Recorded data

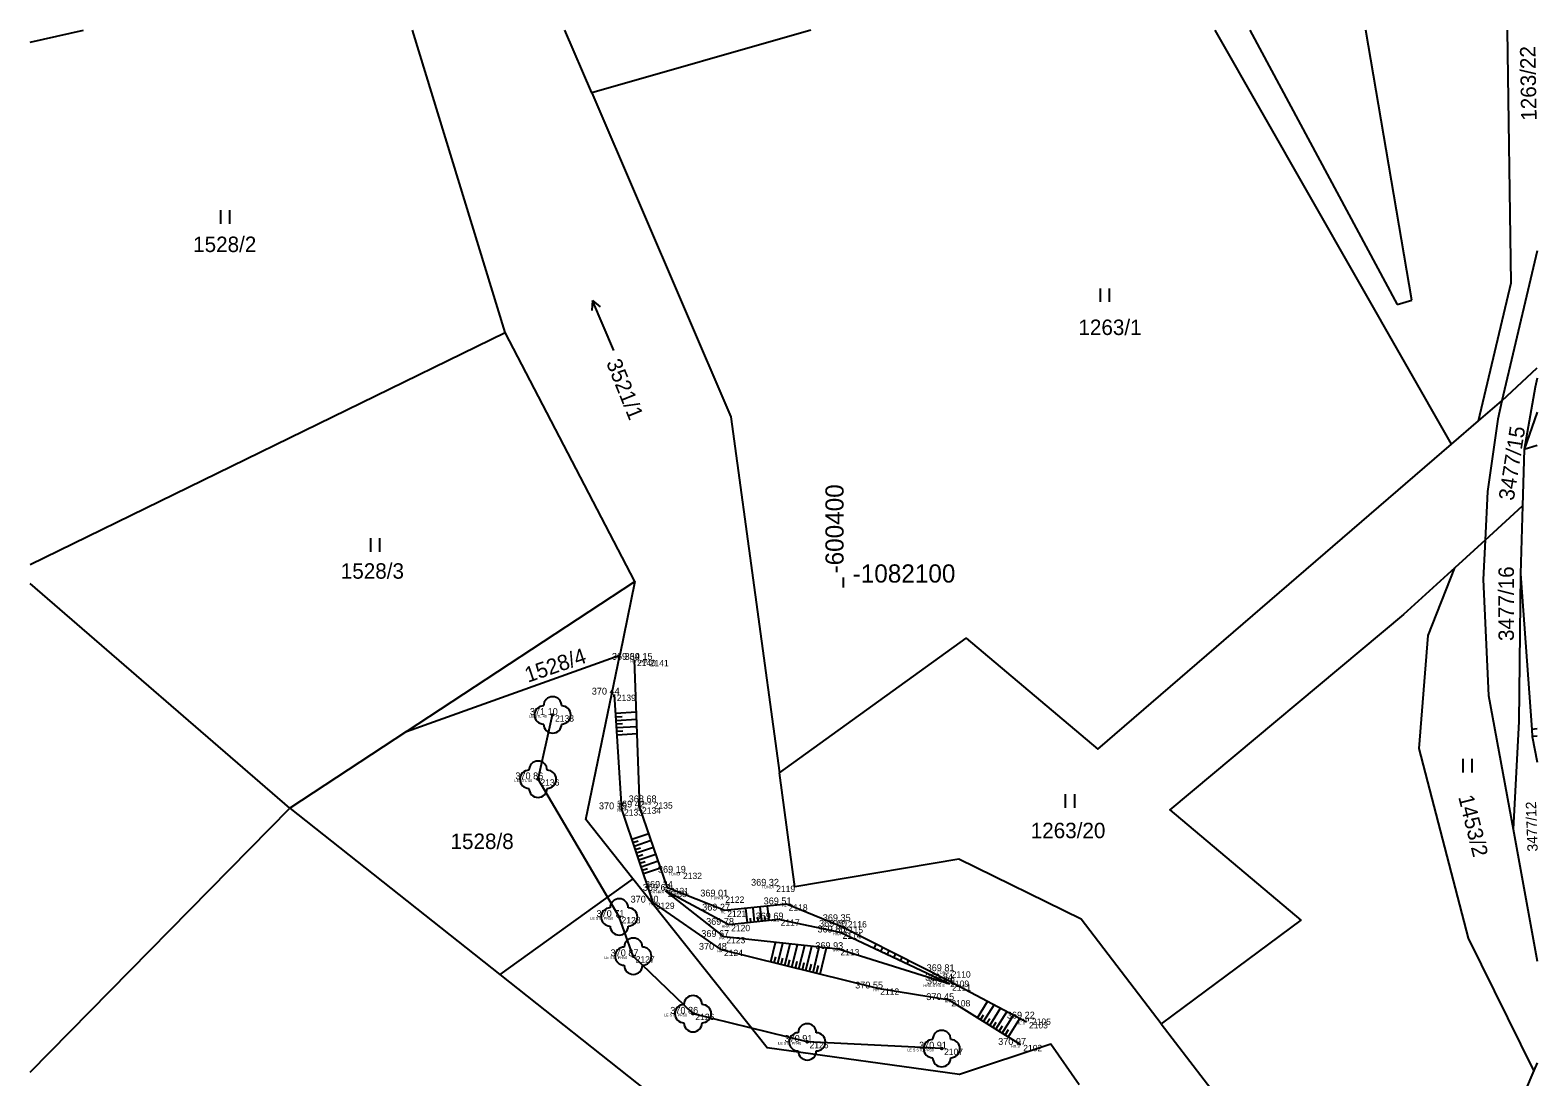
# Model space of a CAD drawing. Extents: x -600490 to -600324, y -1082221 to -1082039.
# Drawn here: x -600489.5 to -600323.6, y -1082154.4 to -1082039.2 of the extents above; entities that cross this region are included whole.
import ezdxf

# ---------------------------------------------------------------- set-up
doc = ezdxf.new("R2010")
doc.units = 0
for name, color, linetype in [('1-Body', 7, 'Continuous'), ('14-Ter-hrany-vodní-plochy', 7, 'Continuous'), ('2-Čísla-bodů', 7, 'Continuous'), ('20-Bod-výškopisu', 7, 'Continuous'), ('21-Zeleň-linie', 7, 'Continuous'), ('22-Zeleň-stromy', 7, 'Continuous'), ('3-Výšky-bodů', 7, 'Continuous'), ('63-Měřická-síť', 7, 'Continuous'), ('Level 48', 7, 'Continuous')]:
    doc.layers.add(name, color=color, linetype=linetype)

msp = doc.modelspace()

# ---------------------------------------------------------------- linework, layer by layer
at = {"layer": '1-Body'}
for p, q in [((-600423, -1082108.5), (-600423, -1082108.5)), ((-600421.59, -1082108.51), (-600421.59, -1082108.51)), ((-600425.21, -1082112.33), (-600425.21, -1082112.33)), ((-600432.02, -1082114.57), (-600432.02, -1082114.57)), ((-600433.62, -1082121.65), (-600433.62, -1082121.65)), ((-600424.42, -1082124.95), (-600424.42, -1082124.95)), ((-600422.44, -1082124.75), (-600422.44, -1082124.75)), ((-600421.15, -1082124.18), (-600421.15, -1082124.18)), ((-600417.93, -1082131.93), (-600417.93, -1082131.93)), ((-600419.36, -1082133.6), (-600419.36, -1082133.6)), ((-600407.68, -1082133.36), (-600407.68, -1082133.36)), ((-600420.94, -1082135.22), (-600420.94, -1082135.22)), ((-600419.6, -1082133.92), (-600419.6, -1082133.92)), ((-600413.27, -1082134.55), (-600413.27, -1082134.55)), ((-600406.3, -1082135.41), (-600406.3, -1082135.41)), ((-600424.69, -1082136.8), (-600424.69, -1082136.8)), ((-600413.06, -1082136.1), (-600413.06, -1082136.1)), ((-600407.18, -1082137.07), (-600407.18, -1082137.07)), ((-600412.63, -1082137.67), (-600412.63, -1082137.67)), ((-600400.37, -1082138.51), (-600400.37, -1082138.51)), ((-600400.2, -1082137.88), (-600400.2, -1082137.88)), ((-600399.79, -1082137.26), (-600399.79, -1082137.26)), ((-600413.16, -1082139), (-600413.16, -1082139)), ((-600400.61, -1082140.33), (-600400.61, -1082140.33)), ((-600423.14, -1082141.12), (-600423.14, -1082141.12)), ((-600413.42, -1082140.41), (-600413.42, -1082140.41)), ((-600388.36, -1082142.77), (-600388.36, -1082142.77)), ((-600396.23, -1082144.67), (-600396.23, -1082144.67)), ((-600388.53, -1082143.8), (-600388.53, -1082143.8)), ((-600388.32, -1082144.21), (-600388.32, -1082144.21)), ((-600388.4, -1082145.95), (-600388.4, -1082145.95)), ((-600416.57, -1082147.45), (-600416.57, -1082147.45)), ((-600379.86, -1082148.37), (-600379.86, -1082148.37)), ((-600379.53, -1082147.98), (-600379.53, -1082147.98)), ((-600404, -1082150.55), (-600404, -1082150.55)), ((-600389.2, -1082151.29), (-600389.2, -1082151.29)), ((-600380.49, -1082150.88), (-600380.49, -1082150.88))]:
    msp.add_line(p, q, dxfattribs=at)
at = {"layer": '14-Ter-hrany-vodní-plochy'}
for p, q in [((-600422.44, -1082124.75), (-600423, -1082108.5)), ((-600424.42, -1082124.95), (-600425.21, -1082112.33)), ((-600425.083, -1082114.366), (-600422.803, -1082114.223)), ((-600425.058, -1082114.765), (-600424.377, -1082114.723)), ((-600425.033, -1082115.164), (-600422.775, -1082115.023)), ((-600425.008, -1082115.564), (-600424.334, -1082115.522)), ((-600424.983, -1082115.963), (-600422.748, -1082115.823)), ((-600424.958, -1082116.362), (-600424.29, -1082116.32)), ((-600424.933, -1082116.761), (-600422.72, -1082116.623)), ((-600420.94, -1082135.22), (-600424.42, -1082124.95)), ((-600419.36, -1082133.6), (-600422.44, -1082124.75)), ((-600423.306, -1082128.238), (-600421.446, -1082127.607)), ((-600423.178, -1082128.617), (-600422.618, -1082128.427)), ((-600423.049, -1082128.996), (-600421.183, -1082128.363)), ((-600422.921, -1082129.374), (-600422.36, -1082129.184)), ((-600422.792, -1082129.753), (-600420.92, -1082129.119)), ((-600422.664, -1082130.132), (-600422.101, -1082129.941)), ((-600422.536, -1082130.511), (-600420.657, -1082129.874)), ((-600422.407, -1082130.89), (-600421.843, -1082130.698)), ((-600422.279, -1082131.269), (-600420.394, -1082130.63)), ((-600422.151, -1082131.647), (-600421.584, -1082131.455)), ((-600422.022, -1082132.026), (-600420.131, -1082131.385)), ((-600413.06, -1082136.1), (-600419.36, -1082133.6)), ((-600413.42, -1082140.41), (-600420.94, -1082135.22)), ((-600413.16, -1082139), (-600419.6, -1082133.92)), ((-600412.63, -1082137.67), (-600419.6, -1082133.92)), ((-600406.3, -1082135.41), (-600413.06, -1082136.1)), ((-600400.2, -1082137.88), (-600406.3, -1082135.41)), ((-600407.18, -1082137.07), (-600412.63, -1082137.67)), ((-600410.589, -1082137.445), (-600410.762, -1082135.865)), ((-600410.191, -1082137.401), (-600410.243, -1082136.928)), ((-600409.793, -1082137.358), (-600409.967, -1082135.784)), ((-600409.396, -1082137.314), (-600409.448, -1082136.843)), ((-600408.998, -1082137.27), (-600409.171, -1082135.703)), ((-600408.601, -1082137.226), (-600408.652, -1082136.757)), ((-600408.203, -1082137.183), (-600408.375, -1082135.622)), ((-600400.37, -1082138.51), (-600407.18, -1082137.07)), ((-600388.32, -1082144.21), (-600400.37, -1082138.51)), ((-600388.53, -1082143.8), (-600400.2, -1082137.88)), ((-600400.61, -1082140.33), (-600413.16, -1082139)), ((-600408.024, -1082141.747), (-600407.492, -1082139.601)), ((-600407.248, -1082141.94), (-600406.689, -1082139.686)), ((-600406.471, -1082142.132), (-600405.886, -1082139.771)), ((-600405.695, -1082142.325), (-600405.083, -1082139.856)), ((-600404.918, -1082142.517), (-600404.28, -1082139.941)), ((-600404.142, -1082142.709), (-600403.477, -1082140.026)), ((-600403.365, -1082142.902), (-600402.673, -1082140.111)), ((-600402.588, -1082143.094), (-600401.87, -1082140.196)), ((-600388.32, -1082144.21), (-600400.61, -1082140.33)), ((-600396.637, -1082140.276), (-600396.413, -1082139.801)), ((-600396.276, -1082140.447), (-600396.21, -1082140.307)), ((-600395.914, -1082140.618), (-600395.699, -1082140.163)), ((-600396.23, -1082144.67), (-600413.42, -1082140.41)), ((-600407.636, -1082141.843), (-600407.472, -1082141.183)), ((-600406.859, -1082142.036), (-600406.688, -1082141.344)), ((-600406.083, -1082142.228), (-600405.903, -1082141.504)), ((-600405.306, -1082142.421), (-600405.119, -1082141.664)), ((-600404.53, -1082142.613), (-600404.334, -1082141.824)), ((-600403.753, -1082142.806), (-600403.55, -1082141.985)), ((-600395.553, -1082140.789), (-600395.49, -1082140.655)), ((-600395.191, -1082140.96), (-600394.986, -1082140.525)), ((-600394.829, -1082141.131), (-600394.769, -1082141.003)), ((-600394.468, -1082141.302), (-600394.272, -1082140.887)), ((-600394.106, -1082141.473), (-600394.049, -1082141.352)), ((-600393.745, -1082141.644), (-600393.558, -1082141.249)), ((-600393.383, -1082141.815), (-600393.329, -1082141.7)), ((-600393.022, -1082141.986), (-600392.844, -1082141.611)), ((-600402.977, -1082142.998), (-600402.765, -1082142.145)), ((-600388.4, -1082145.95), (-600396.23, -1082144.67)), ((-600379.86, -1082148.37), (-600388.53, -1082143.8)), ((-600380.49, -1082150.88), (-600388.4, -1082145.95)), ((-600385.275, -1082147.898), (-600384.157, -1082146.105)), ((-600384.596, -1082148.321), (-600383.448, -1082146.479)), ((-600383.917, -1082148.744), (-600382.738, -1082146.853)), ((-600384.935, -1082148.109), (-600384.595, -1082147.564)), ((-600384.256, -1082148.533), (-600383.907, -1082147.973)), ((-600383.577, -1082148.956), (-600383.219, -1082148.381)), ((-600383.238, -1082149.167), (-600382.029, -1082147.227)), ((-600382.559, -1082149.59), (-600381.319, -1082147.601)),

## What you will do
Determine how many lines of the data above contain the string "plochy", and give the result with nothing else.

## Solution for this problem
2